Narodowość | amerykański |
Znany z | wkład w filozofię, teologię i religię (np. religię nowoczesną i postmodernistyczną ). |
Tytuł | Thomas J. Watson profesor religii na Uniwersytecie Syracuse |
Wykształcenie | |
Edukacja |
Uniwersytet w Toledo Uniwersytet w Chicago |
Wpływy | Friedrich Nietzsche , Jacques Derrida , Paul Tillich , Evangelos Christou, Robert W. Funk , Paul Ricoeur , Carl Jung , Zygmunt Freud , James Hillman |
Praca akademicka | |
Instytucje |
Syracuse University California State University, Chico Union College, Barbourville YMCA Community College, Chicago |
Główne zainteresowania | Współredaktor, Journal of the American Academy of Religion (1983 – 2002); Redaktor podsieci, Przegląd Studiów Religijnych (1980 - 2002); Członek Rady Powierniczej, Scholars Press (1978 – 1985); Dyrektor wykonawczy Amerykańskiej Akademii Religii (1978 - 1982). |
Uwagi | |
Nagroda za wyjątkowe zasługi, California State University, Chico (1983); nagroda za osiągnięcia zawodowe, California State University, Chico (1982 - 1986); Wybitny profesor, California State University, Chico (1985). |
Charles Edwin Winquist (11 czerwca 1944 - 4 kwietnia 2002) był profesorem religii Thomasa J. Watsona na Uniwersytecie Syracuse i jest znany ze swoich pism na temat teologii , współczesnej filozofii kontynentalnej i postmodernistycznej religii . Zanim objął stanowisko na Uniwersytecie Syracuse, w latach 1969-1986 wykładał religioznawstwo na Kalifornijskim Uniwersytecie Stanowym w Chico .
Edukacja
Winquist uzyskał tytuł licencjata z filozofii na Uniwersytecie w Toledo (1965), tytuł magistra teologii na Uniwersytecie w Chicago (1968) oraz doktorat. doktor teologii filozoficznej na Uniwersytecie w Chicago (1970).

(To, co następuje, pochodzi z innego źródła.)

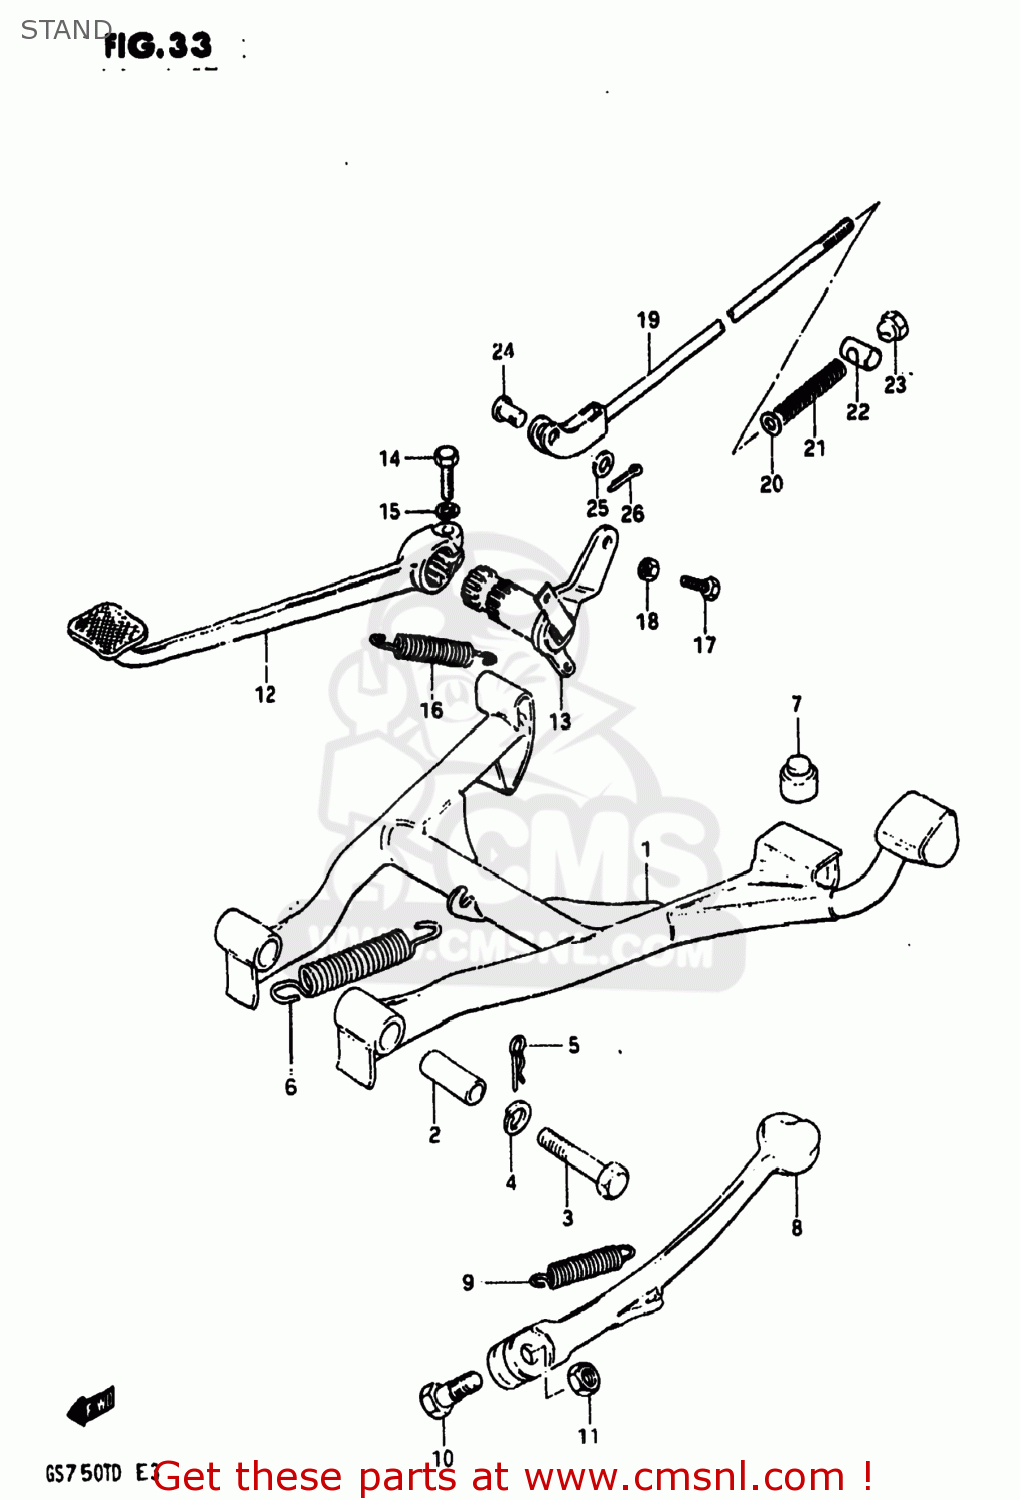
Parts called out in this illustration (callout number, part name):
1	STAND,CENTER
2	SPACER(10X16X38.8)
3	BOLT
4	LOCK WASHER
5	CLIP
6	SPRING
7	CUSHION
8	STAND,SIDE
9	SPRING
10	BOLT(10X30)
11	NUT
12	PEDAL,BRAKE
13	ARM,BRAKE PEDAL
14	BOLT
15	LOCK WASHER
16	SPRING
17	BOLT
18	NUT
19	ROD ASSEMBLY,REAR BRAKE
20	WASHER
21	SPRING
22	PIN
23	NUT
24	PIN(L:13.5)
25	WASHER
26	PIN 20X20

Praca filozoficzna i teologiczna
Praca Winquista jest zarówno taktyczna, jak i teoretyczna, pokazując, jakiego rodzaju pracę teologia może wykonać we współczesnym społeczeństwie. Sugeruje, że teologia jest bardzo zbliżona do tego, co Gilles Deleuze i Félix Guattari nazywają mało intensywnym używaniem głównego języka. Winquist argumentował, że niewielkie intensywne teologiczne użycie języka wywiera presję na zwykły splot dyskursu i otwiera go na pragnienia. W ten sposób teologia staje się pracą przeciwko „rozczarowaniu myślenia”.

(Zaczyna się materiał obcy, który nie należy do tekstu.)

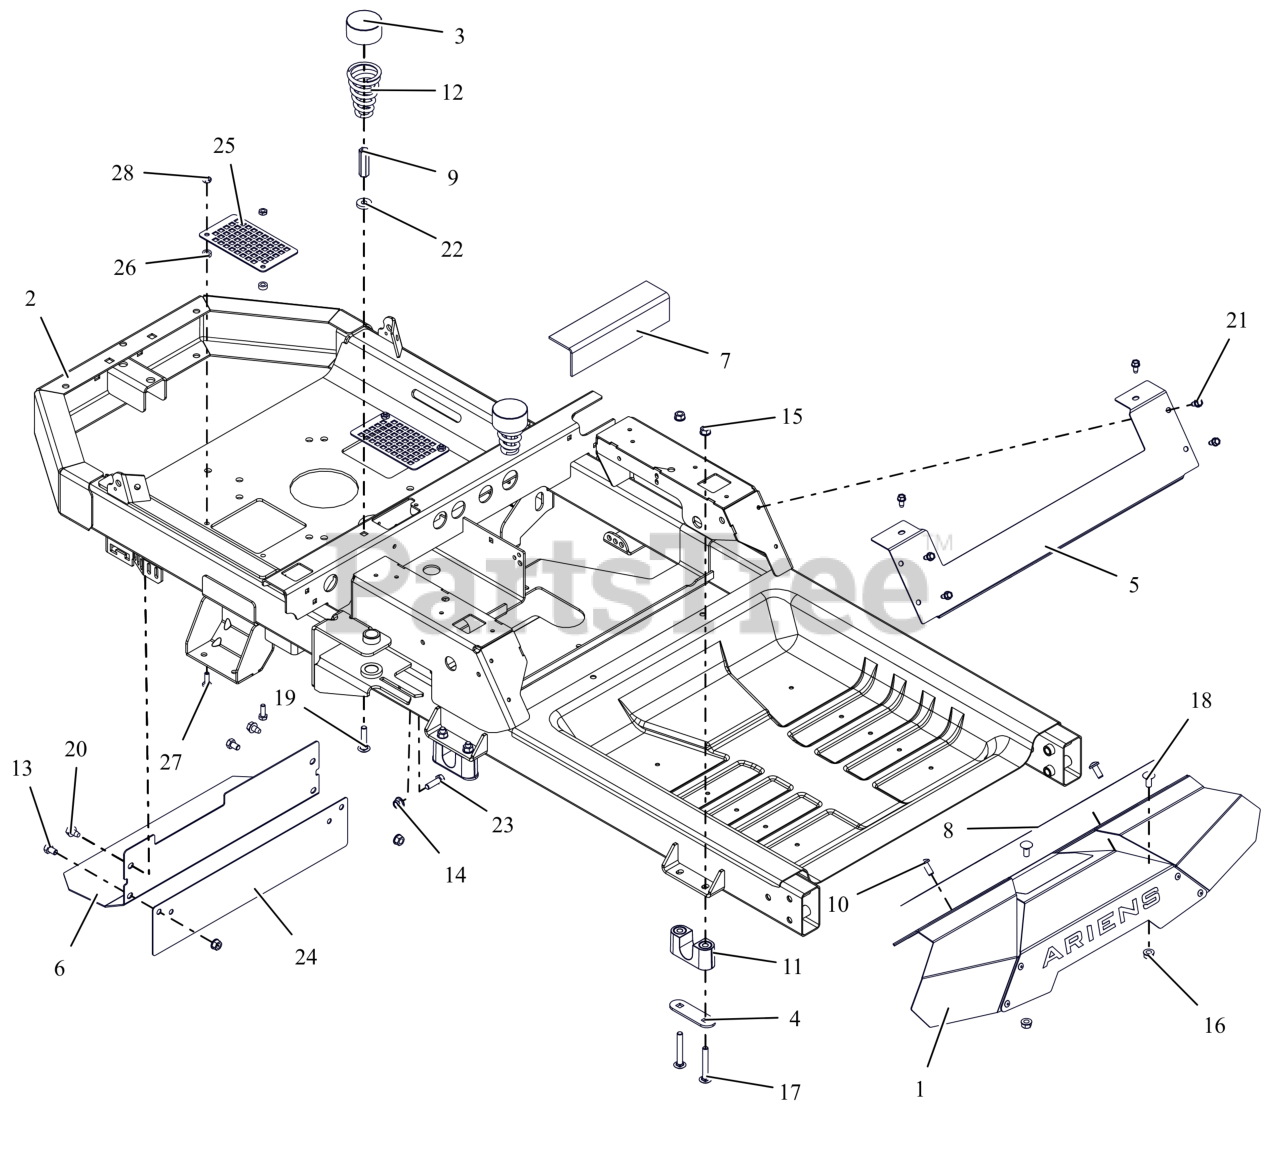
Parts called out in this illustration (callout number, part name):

Aby mówić o Bogu, potrzebujemy pogłębionego wglądu w wgląd
—Charles E. Winquist Epifanie ciemności .
Niestety, współczesna myśl religijna często pogrążona jest w sporach o dokładne znaczenie religii i teologii. Poważne grupy generują idee, które pomimo ich najlepszych wysiłków tworzą sprzeczne interpretacje, które raczej umniejszają niż poprawiają filozoficzne, dialektyczne i społeczne podstawy teologii. Te wspólnoty nie są odizolowanymi grupami uprzywilejowanych teologów, ale raczej ludźmi z całego świata, którzy postrzegają swoje życie jako znaczące i ważne. Niewielka, intensywna literatura teologiczna nie jest „teologią szkółki niedzielnej”, jak nazwał ją Winquist, ale raczej próbą połączenia codziennych dyskusji między otwartymi przestrzeniami w komunikacji. Komunikacja czyni codzienne życie boskim, argumentował Winquist (cytując Hustona Smitha ). Smith nazwał to boską zwyczajnością, co wynikało z jego zrozumienia buddyzmu zen. Teologia oddziałuje na codzienną egzystencję nadrzędnego świeckiego dyskursu we wspólnotach.
Subwersja i transcendencja
Światowe mitologie i zwyczaje religijne są problematyczne nie z powodu samych tradycji, ale raczej z powodu świeckiej kultury, która nadpisała te tradycje. Myślenie o Bogu i sensie życia, nawet jeśli nie ma zrozumienia pisanego ani mówionego, jest aktem transcendencji. Myślenie symboliczne staje się formą świadomości, która wykracza daleko poza jednostki. To medytacja przeszłości i przyszłości, odbicie świata wewnątrz i na zewnątrz. Komunikowanie się poprzez abstrakcyjne idee leży u podstaw kreatywności i myśli symbolicznej, w tym sztuki, muzyki, słowa pisanego, matematyki i nauk ścisłych.
Winquist zauważył, że w trzeciej Medytacji Kartezjusza Kartezjusz napisał, że Bóg przekroczył „subiektywną dominację”. Sama myśl o atrybutach Boga rodziła wątpliwości co do wrodzonej zdolności natury ludzkiej do zrozumienia istnienia Boga. Wystarczy zrozumieć, że istnieje nieskończoność, którą można osądzić, i że wszystkie te cechy wyraźnie postrzegane i znane implikują doskonałość… Myślenie formułowane o Bogu jest sprzeczne z osobowością. Ślady boskości, a nawet innego, zmieniają wzorce myślowe, które pozostają częścią kwestionującej jednostki. Myślenie przekracza samo siebie i zakłóca własną „powierzchnię zapisu”. Nadal istnieją ograniczenia percepcyjne, które Winquist nazwał „węzłem”, ale Winquist argumentował, że fenomenologia została upokorzona przez świadomość, która osiągnęła szczyt, gdy była otoczona znaczącymi niuansami, które wykraczały poza kontrolę samej świadomości.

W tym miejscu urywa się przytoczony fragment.